Main results and discussion

• Linearity: Matrix-matched calibration curves across the extracted-equivalent range 5–80 ng/mL produced correlation coefficients (R2) greater than 0.995 for all 22 pesticides, demonstrating excellent linearity under SIM conditions.
• Retention window: Compounds eluted in a predictable retention-time window spanning roughly 7.8–13.2 minutes, enabling targeted SIM windows and reliable chromatographic separation on the HP-5ms column.
• Accuracy and precision: Recoveries were within 80–120% for the evaluated pesticides at fortification levels down to 5 ng/L; associated relative standard deviations (RSDs) were generally below 15% across replicate runs, meeting common regulatory acceptance criteria.
• Blank performance: Reagent blanks showed no measurable contamination for the target analytes at the method detection levels, indicating adequate procedural cleanliness and solvent selection.
• Practical throughput: A single 1 L sample required approximately 2 hours to pass through the SPE manifold under the stated vacuum, with post-extraction concentration and instrumental runtime supporting routine batch analysis in regulatory laboratory settings.

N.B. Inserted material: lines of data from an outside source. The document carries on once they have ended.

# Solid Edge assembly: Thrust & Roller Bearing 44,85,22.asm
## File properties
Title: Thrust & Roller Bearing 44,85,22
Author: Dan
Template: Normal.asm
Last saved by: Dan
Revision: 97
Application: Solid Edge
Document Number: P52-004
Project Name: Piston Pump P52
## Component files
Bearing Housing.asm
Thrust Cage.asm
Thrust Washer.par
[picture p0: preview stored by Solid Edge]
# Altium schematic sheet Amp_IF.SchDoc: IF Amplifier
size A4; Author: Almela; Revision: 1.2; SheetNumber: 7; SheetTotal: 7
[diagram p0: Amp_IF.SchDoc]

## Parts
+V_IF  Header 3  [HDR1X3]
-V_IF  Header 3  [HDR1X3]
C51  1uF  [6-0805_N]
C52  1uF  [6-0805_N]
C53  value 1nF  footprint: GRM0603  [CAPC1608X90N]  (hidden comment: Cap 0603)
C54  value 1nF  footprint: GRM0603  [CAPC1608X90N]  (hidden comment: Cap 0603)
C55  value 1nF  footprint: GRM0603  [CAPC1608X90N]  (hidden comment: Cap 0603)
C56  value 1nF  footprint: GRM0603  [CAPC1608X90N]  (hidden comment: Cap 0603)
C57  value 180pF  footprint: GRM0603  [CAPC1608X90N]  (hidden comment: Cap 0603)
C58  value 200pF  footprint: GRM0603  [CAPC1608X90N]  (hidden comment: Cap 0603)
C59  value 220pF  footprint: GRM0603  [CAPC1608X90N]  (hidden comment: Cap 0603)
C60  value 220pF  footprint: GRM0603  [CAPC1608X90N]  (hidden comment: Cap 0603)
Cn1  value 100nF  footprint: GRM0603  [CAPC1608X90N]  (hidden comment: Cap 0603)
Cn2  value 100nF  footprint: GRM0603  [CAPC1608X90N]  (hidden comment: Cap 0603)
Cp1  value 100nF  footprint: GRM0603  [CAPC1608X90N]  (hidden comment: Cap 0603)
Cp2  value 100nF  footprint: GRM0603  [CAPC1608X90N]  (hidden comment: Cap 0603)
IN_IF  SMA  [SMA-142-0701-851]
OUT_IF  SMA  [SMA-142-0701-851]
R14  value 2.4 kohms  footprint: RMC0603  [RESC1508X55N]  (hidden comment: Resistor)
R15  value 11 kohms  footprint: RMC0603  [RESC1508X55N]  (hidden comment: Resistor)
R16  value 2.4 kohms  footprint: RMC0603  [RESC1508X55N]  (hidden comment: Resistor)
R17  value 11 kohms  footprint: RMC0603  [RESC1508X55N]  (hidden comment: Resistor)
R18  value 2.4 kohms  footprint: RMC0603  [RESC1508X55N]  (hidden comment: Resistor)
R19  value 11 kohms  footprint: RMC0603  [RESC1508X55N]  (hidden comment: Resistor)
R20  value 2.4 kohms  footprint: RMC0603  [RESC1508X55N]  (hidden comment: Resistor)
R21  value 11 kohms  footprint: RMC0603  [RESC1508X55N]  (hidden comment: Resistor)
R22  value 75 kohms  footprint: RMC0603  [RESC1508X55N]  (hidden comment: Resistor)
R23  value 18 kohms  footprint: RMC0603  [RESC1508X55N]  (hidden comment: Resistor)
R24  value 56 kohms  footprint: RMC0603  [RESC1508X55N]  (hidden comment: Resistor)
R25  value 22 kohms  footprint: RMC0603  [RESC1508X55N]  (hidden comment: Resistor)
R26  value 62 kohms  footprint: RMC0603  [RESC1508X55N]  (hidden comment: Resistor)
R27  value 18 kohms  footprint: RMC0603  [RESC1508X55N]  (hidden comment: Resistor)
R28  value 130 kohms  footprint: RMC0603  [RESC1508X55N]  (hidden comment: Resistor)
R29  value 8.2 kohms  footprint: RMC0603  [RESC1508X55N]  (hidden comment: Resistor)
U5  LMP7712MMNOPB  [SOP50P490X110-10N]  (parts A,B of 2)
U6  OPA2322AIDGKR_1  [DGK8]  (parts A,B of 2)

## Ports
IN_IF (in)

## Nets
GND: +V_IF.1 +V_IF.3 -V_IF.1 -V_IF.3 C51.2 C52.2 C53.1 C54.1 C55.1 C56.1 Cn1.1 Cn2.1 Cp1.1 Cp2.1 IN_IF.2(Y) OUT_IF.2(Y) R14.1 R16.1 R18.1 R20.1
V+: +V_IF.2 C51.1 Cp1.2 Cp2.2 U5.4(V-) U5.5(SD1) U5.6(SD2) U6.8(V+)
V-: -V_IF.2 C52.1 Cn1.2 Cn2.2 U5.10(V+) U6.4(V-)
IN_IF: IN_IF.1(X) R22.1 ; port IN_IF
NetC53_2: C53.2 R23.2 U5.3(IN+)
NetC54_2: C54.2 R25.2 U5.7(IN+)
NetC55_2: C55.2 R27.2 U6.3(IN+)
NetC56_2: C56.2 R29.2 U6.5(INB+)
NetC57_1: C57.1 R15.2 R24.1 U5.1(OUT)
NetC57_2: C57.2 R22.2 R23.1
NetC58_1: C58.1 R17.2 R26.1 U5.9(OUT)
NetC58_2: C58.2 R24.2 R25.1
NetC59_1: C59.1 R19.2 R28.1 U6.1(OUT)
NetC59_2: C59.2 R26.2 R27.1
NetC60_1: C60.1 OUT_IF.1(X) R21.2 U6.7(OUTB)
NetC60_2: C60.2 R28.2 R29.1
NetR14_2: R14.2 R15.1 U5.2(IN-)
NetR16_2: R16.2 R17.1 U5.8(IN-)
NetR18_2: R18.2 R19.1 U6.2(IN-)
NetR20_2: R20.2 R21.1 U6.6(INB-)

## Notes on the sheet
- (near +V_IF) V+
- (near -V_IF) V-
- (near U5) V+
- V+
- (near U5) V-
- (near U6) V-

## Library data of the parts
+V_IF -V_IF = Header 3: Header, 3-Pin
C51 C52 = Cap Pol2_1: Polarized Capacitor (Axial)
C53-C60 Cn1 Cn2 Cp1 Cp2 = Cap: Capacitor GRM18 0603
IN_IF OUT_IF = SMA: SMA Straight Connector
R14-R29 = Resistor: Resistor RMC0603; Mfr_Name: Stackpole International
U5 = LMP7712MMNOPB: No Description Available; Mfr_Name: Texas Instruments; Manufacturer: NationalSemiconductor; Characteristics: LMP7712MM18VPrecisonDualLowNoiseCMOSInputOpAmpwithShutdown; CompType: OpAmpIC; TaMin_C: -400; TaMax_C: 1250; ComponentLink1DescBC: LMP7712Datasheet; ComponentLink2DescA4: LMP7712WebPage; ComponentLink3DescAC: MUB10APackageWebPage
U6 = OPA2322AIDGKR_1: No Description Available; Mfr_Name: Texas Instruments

Benefits and practical applications of the method

• Regulatory suitability: Sensitivity and precision allow detection and quantitation below typical maximum residue limits (MRLs) set by BIS and similar agencies, supporting compliance testing for drinking, packaged, and surface waters.
• Robustness: Cartridge SPE with C18 sorbent and dual-solvent elution provides broad coverage for moderately polar to nonpolar pesticides included in Method 525.2.
• Reproducibility: The use of matrix-matched extracted standards and SIM acquisition minimizes matrix effects and improves quantitation accuracy for trace-level analytes.
• Scalability: The procedure is compatible with vacuum manifolds and semi-automated SPE workflows, enabling higher sample throughput in monitoring or routine QA/QC labs.

Future trends and applications

• Method integration with high-resolution MS: Adoption of high-resolution mass spectrometry (HRMS) could expand screening capability to additional pesticide transformation products and non-target screening while retaining trace sensitivity.
• Automation and online SPE: Increased use of automated cartridge handling and online SPE–GC/MS interfaces can reduce manual handling, minimize variability, and improve laboratory throughput.
• Miniaturized and green workflows: Method optimization to reduce solvent consumption (e.g., microextraction, dispersive SPE) and replace hazardous solvents would improve sustainability and safety.
• Expanded analyte scope: Adapting extraction chemistries (mixed-mode sorbents) and complementary LC–MS methods will be necessary to cover more polar pesticides that are not amenable to GC/MS.

Conclusion

The implemented SPE–GC/MS procedure based on EPA 525.2 combined with Agilent Bond Elut C18 cartridges and Agilent 8890/5977 instrumentation delivers a sensitive, precise, and accurate workflow for determination of 22 pesticides in water at levels as low as 5 ng/L. The method demonstrated robust linearity (R2 > 0.995), acceptable recoveries (80–120%), and RSDs typically under 15%, making it well suited for regulatory monitoring and routine laboratory applications focused on drinking and environmental water quality.

References

1. Bureau of Indian Standards — Drinking water specification (IS 10500).
2. Bureau of Indian Standards — Packaged drinking water specification (IS 14543).
3. Bureau of Indian Standards — Natural mineral water specification (IS 13428).
4. United States Environmental Protection Agency — Method 525.2: Determination of organic compounds in drinking water by liquid–solid extraction and GC/MS.